Trends In Genomic Medicine
Several themes are emerging in the diagnosis and treatment of disease.
(Left) First, as the knowledge of the genomic underpinnings of disease increases, the definition of “self” is likewise expanding. This self includes not just the germline human genome inherited from our parents but also somatic changes in the genomes of tumors, the genomes of commensal microbes that inhabit our body, and the genomes of pathogenic organisms.
Second, the influence of genomics on medicine is moving the diagnosis of diseases toward the earliest possible point in the course of disease, before clinical manifestation.
Third, genomic testing is occurring earlier in the life of a human, moving from adulthood to childhood, the neonatal period, and even prenatally.
(Right) Pharmacogenomic markers are being used in several ways:
• to select targeted therapies exemplified by the breast cancer marker HER-2 and treatment with the monoclonal antibody Herceptin;
• to predict likelihood of response, as in the case of the host IL28B genotype and response to interferon therapy in HCV infection;
• to enhance drug safety, for example, by testing for host HLA genotypes predictive of abacavir hypersensitivity in humans infected with HIV; and
• to optimize dosing of drugs, such as warfarin, based on genotypes indicative of rate of metabolism using, for example, the iWarfarin app.
McCarthy JJ, McLeod HL, Ginsburg GS. Genomic Medicine: A Decade of Successes, Challenges, and Opportunities. Science Translational Medicine 2013;5(189):189sr4. Genomic Medicine: A Decade of Successes, Challenges, and Opportunities
Genomic medicine—an aspirational term 10 years ago—is gaining momentum across the entire clinical continuum from risk assessment in healthy individuals to genome-guided treatment in patients with complex diseases.
We review the latest achievements in genome research and their impact on medicine, primarily in the past decade. In most cases, genomic medicine tools remain in the realm of research, but some tools are crossing over into clinical application, where they have the potential to markedly alter the clinical care of patients.
In this State of the Art Review, we highlight notable examples including the use of next-generation sequencing in cancer pharmacogenomics, in the diagnosis of rare disorders, and in the tracking of infectious disease outbreaks.
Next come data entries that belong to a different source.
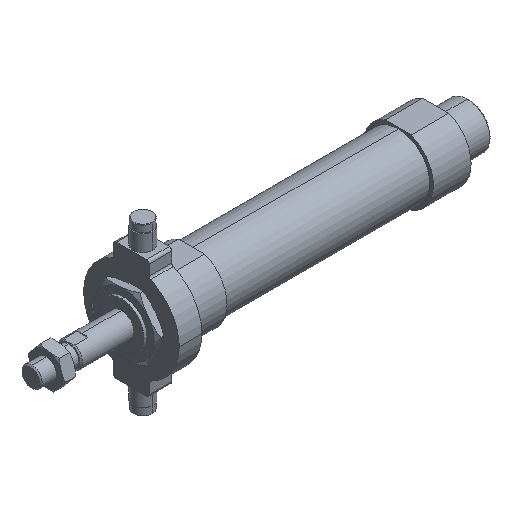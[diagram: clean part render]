
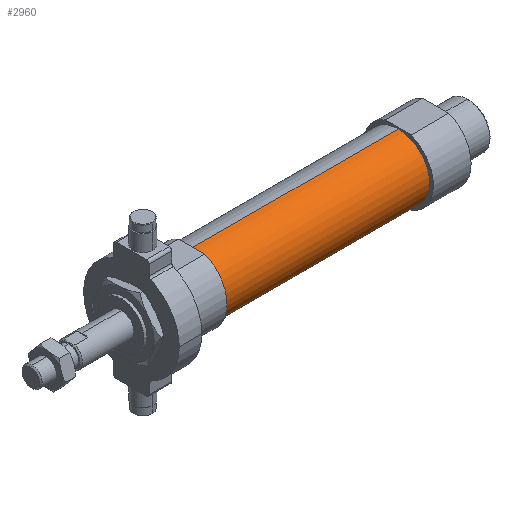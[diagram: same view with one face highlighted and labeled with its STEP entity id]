
A CAD part, isometric view. The second image highlights one B-rep face of the part: STEP entity #2960.
In plain terms, the highlighted cylindrical face has radius 12.5 mm (diameter 25 mm), a partial arc.
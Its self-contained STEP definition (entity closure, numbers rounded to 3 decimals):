
#25 = EDGE_LOOP ( 'NONE', ( #879, #1797, #1750, #292 ) ) ;
#40 = EDGE_CURVE ( 'NONE', #2693, #2687, #580, .T. ) ;
#84 = VERTEX_POINT ( 'NONE', #350 ) ;
#111 = CARTESIAN_POINT ( 'NONE',  ( -6.469, 0., 0. ) ) ;
#292 = ORIENTED_EDGE ( 'NONE', *, *, #40, .F. ) ;
#350 = CARTESIAN_POINT ( 'NONE',  ( 146., 0., 12.5 ) ) ;
#442 = CIRCLE ( 'NONE', #4094, 12.5 ) ;
#580 = CIRCLE ( 'NONE', #1863, 12.5 ) ;
#624 = LINE ( 'NONE', #2915, #2784 ) ;
#879 = ORIENTED_EDGE ( 'NONE', *, *, #2095, .F. ) ;
#1496 = VECTOR ( 'NONE', #4174, 1000. ) ;
#1509 = CARTESIAN_POINT ( 'NONE',  ( -6.469, 0., -12.5 ) ) ;
#1729 = EDGE_CURVE ( 'NONE', #2284, #84, #442, .T. ) ;
#1750 = ORIENTED_EDGE ( 'NONE', *, *, #2643, .T. ) ;
#1797 = ORIENTED_EDGE ( 'NONE', *, *, #1729, .T. ) ;
#1863 = AXIS2_PLACEMENT_3D ( 'NONE', #2514, #4151, #1901 ) ;
#1901 = DIRECTION ( 'NONE',  ( 0., 0., 1. ) ) ;
#1911 = DIRECTION ( 'NONE',  ( -1., 0., 0. ) ) ;
#2095 = EDGE_CURVE ( 'NONE', #2284, #2693, #3389, .T. ) ;
#2284 = VERTEX_POINT ( 'NONE', #3115 ) ;
#2514 = CARTESIAN_POINT ( 'NONE',  ( 64., 0., 0. ) ) ;
#2569 = DIRECTION ( 'NONE',  ( -1., 0., 0. ) ) ;
#2588 = DIRECTION ( 'NONE',  ( 0., 0., 1. ) ) ;
#2643 = EDGE_CURVE ( 'NONE', #84, #2687, #624, .T. ) ;
#2652 = FACE_OUTER_BOUND ( 'NONE', #25, .T. ) ;
#2687 = VERTEX_POINT ( 'NONE', #3423 ) ;
#2693 = VERTEX_POINT ( 'NONE', #3998 ) ;
#2784 = VECTOR ( 'NONE', #3492, 1000. ) ;
#2915 = CARTESIAN_POINT ( 'NONE',  ( -6.469, 0., 12.5 ) ) ;
#2960 = ADVANCED_FACE ( 'NONE', ( #2652 ), #4295, .T. ) ;
#3115 = CARTESIAN_POINT ( 'NONE',  ( 146., 0., -12.5 ) ) ;
#3389 = LINE ( 'NONE', #1509, #1496 ) ;
#3423 = CARTESIAN_POINT ( 'NONE',  ( 64., 0., 12.5 ) ) ;
#3492 = DIRECTION ( 'NONE',  ( -1., 0., 0. ) ) ;
#3624 = AXIS2_PLACEMENT_3D ( 'NONE', #111, #2569, #4232 ) ;
#3998 = CARTESIAN_POINT ( 'NONE',  ( 64., 0., -12.5 ) ) ;
#4094 = AXIS2_PLACEMENT_3D ( 'NONE', #4156, #1911, #2588 ) ;
#4151 = DIRECTION ( 'NONE',  ( -1., 0., 0. ) ) ;
#4156 = CARTESIAN_POINT ( 'NONE',  ( 146., 0., 0. ) ) ;
#4174 = DIRECTION ( 'NONE',  ( -1., 0., 0. ) ) ;
#4232 = DIRECTION ( 'NONE',  ( 0., 0., 1. ) ) ;
#4295 = CYLINDRICAL_SURFACE ( 'NONE', #3624, 12.5 ) ;

We also discuss progress in dissecting the molecular basis of common diseases, the role of the host microbiome, the identification of drug response biomarkers, and the repurposing of drugs.
The significant challenges of implementing genomic medicine are examined, along with the innovative solutions being sought. These challenges include the difficulty in establishing clinical validity and utility of tests, how to increase awareness and promote their uptake by clinicians, a changing regulatory and coverage landscape, the need for education, and addressing the ethical aspects of genomics for patients and society.
Finally, we consider the future of genomics in medicine and offer a glimpse of the forces shaping genomic medicine, such as fundamental shifts in how we define disease, how medicine is delivered to patients, and how consumers are managing their own health and affecting change.